The Alaska Young Fishermen’s Network (AYFN) is also in high gear under the leadership of Rachel. Five young fishermen from across the state will take on roles with host organizations this fall in the first cohort of AMCC’s  Young Fishing Fellows Program. We are also gearing up to host a strategic planning retreat for the Alaska Young Fishermen’s Network at the end of October. This gathering will bring together young fishermen from across the state to develop a future vision for the AYFN. After over a year of development, the first ever Young Fishermen’s Almanac will be published in December. The Almanac is  a compelling compilation of tales, poetry, artwork and musings by young fishermen from across the state. We’ll be hosting launch parties and more to celebrate the publication and the role of the next generation in Alaska’s fishing industry and communities.

Rachel and Kelly will also be heading to Bristol Bay next week to help guide a workshop on seafood marketing and branding for students in the region. AMCC plans to continue partnering with the Bristol Bay Borough School District and others to grow the region’s first fisheries focused Career and Technical Education (CTE) training in the future.

Our ocean acidification kiosk moved to Cordova in August and can be found at the Cordova Center thanks to a partnership with the Prince William Sound Science Center. We’re continuing to work with the Alaska Ocean Observing System and other partners to connect fishermen and coastal residents to the science on ocean acidification. You can stay up-to-date by signing up for the Alaska Ocean Acidification Network here. Videos from the kiosk can be viewed here. 

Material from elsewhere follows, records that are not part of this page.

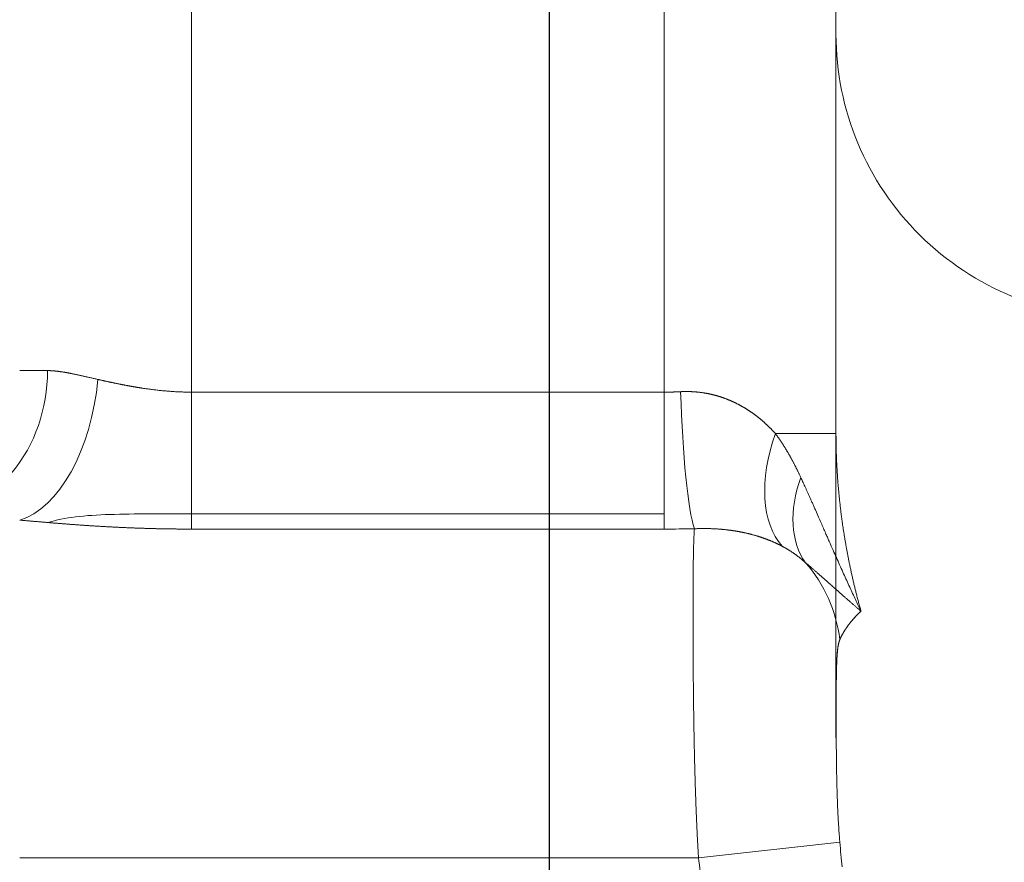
# Model space of a CAD drawing. Header units: millimetres. Extents: x 176 to 9387, y -11044 to -3322.
# Tile 196 of 256: x 8336 to 8371, y -9917 to -9888. Entities that reach past the tile are written whole.
import ezdxf

# ---------------------------------------------------------------- set-up
doc = ezdxf.new("R2010")
doc.units = ezdxf.units.MM
doc.header["$LTSCALE"] = 0.3175
doc.layers.add('1轮廓实线层', color=7, linetype='Continuous', lineweight=18)
doc.layers.add('7标注层', color=4, linetype='Continuous', lineweight=13)
doc.styles.add('PC_TEXTSTYLE', font='ISOCP.SHX', dxfattribs={"width": 0.707, "bigfont": 'GBCBIG.SHX'})
doc.dimstyles.new('GB_LINEAR', dxfattribs={"dimtxt": 3.5, "dimasz": 3.5, "dimexe": 1, "dimexo": 0, "dimgap": 1.5, "dimtad": 1, "dimdsep": 46, "dimtxsty": 'PC_TEXTSTYLE', "dimcen": 0, "dimclrd": 256, "dimclrt": 3, "dimadec": 0, "dimazin": 2, "dimtp": 0.1, "dimtm": 0.1, "dimtfac": 0.71, "dimtdec": 3, "dimtmove": 0, "dimatfit": 3, "dimfxl": 1, "dimtfill": 1, "dimarcsym": 0})

# ---------------------------------------------------------------- blocks, each defined once
blk = doc.blocks.new('*D61')
at = {"layer": '7标注层', "color": 0, "lineweight": -2, "transparency": 16777216}
for p, q in [((8317.856, -9734.193), (8317.856, -9661.514)), ((8354.857, -9924.193), (8354.857, -9661.514))]:
    blk.add_line(p, q, dxfattribs=at)
at = {"layer": '7标注层', "lineweight": -2, "transparency": 16777216}
blk.add_line((8330.106, -9665.014), (8342.607, -9665.014), dxfattribs=at)
at = {"layer": '7标注层', "transparency": 16777216}
for points in [[(8330.106, -9662.972), (8330.106, -9667.055), (8317.856, -9665.014)], [(8342.607, -9667.055), (8342.607, -9662.972), (8354.857, -9665.014)]]:
    blk.add_solid(points, dxfattribs=at)
at = {"layer": 'Defpoints', "color": 0, "transparency": 16777216}
for p in [(8354.857, -9665.014), (8317.856, -9734.193), (8354.857, -9924.193)]:
    blk.add_point(p, dxfattribs=at)
at = {"layer": '7标注层', "color": 3, "transparency": 16777216, "insert": (8336.357, -9653.639), "char_height": 12.25, "attachment_point": 5, "style": 'PC_TEXTSTYLE', "bg_fill": 3, "box_fill_scale": 1.1, "bg_fill_color": 257, "bg_fill_transparency": 0}
blk.add_mtext('37', dxfattribs=at)
blk = doc.blocks.new('*D62')
at = {"layer": '7标注层', "color": 0, "lineweight": -2, "transparency": 16777216}
for p, q in [((8281.856, -9770.193), (8255.356, -9770.193)), ((8347.857, -9931.193), (8255.356, -9931.193))]:
    blk.add_line(p, q, dxfattribs=at)
at = {"layer": '7标注层', "lineweight": -2, "transparency": 16777216}
blk.add_line((8258.856, -9782.443), (8258.856, -9918.943), dxfattribs=at)
at = {"layer": '7标注层', "transparency": 16777216}
for points in [[(8260.898, -9782.443), (8256.815, -9782.443), (8258.856, -9770.193)], [(8256.815, -9918.943), (8260.898, -9918.943), (8258.856, -9931.193)]]:
    blk.add_solid(points, dxfattribs=at)
at = {"layer": 'Defpoints', "color": 0, "transparency": 16777216}
for p in [(8281.856, -9770.193), (8258.856, -9931.193), (8347.857, -9931.193)]:
    blk.add_point(p, dxfattribs=at)
at = {"layer": '7标注层', "color": 3, "transparency": 16777216, "insert": (8247.481, -9850.693), "char_height": 12.25, "attachment_point": 5, "rotation": 90, "style": 'PC_TEXTSTYLE', "bg_fill": 3, "box_fill_scale": 1.1, "bg_fill_color": 257, "bg_fill_transparency": 0}
blk.add_mtext('161', dxfattribs=at)

msp = doc.modelspace()

# ---------------------------------------------------------------- linework, layer by layer
at = {"layer": '1轮廓实线层'}
for p, q in [((8342.35631, -9867.19279), (8342.35631, -9900.94472)), ((8358.85631, -9900.94472), (8358.85631, -9867.19279)), ((8364.85631, -9867.19279), (8364.85631, -9902.38977)), ((8364.85631, -9877.98019), (8364.85631, -9913.00486)), ((8336.35631, -9900.19279), (8337.32746, -9900.19279)), ((8342.35631, -9900.94472), (8342.35631, -9905.72356)), ((8342.35631, -9900.94472), (8358.85631, -9900.94472)), ((8358.85631, -9900.94472), (8358.85631, -9905.72356)), ((8364.85631, -9902.38977), (8362.7394, -9902.38977)), ((8358.85631, -9905.19279), (8342.35631, -9905.19279)), ((8358.85631, -9905.72356), (8342.35631, -9905.72356)), ((8364.98991, -9916.65351), (8360.05671, -9917.19279)), ((8360.05671, -9917.19279), (8336.35631, -9917.19279))]:
    msp.add_line(p, q, dxfattribs=at)
for centre, major_axis, ratio, start_param, end_param in [((8374.85631, -9888.46005), (-10, 0), 0.99069989, 0, 1.57079633), ((8333.13676, -9900.19279), (0, -5), 0.83814041, 0, 1.57079633), ((8336.35631, -9900.50044), (-0.62272, -4.96107), 0.54246082, 0.22739108, 1.63878198), ((8359.91305, -9900.92915), (0.14679, -4.99784), 0.09602648, 4.70956871, 5.98636977), ((8365.9753, -9902.38977), (-2.58645, -4.27905), 0.58778182, 5.05376151, 6.10047029), ((8367.53733, -9903.60708), (-3.52044, -3.55056), 0.63665827, 5.34963957, 6.17694013), ((8360.05671, -9910.19279), (0, -5), 0.99407783, 1.69320445, 2.28971538)]:
    msp.add_ellipse(centre, major_axis=major_axis, ratio=ratio, start_param=start_param, end_param=end_param, dxfattribs=at)
for points, knots in [([(8337.32746, -9900.19279), (8337.33345, -9900.19281), (8337.34545, -9900.19284), (8337.36369, -9900.19307), (8337.38217, -9900.19346), (8337.40092, -9900.19399), (8337.41991, -9900.19468), (8337.43917, -9900.19552), (8337.45869, -9900.19652), (8337.47847, -9900.19766), (8337.49851, -9900.19896), (8337.51882, -9900.20042), (8337.5394, -9900.20202), (8337.56024, -9900.20378), (8337.58136, -9900.20569), (8337.60275, -9900.20776), (8337.62442, -9900.20998), (8337.64636, -9900.21235), (8337.66859, -9900.21487), (8337.69109, -9900.21755), (8337.71388, -9900.22038), (8337.73695, -9900.22336), (8337.7603, -9900.2265), (8337.78394, -9900.22979), (8337.80788, -9900.23323), (8337.8321, -9900.23682), (8337.85661, -9900.24057), (8337.88142, -9900.24447), (8337.90653, -9900.24852), (8337.93193, -9900.25273), (8337.95763, -9900.25709), (8337.98363, -9900.2616), (8338.00993, -9900.26626), (8338.03653, -9900.27108), (8338.06344, -9900.27605), (8338.09066, -9900.28118), (8338.12009, -9900.28682), (8338.15213, -9900.29309), (8338.18714, -9900.30012), (8338.22357, -9900.30757), (8338.26144, -9900.31546), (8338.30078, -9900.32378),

So while the makeup of our team is changing in the coming months, our vision, mission and commitment to addressing issues that impact the health of our fisheries and communities remains strong. Our team, our programs, and our work is as important and as active as ever. We thank our members and partners for your support that makes this work possible! Please feel free to reach out to any staff or board members with any thoughts or concern during this period. We are confident AMCC that we will weather this transition and come out stronger than before.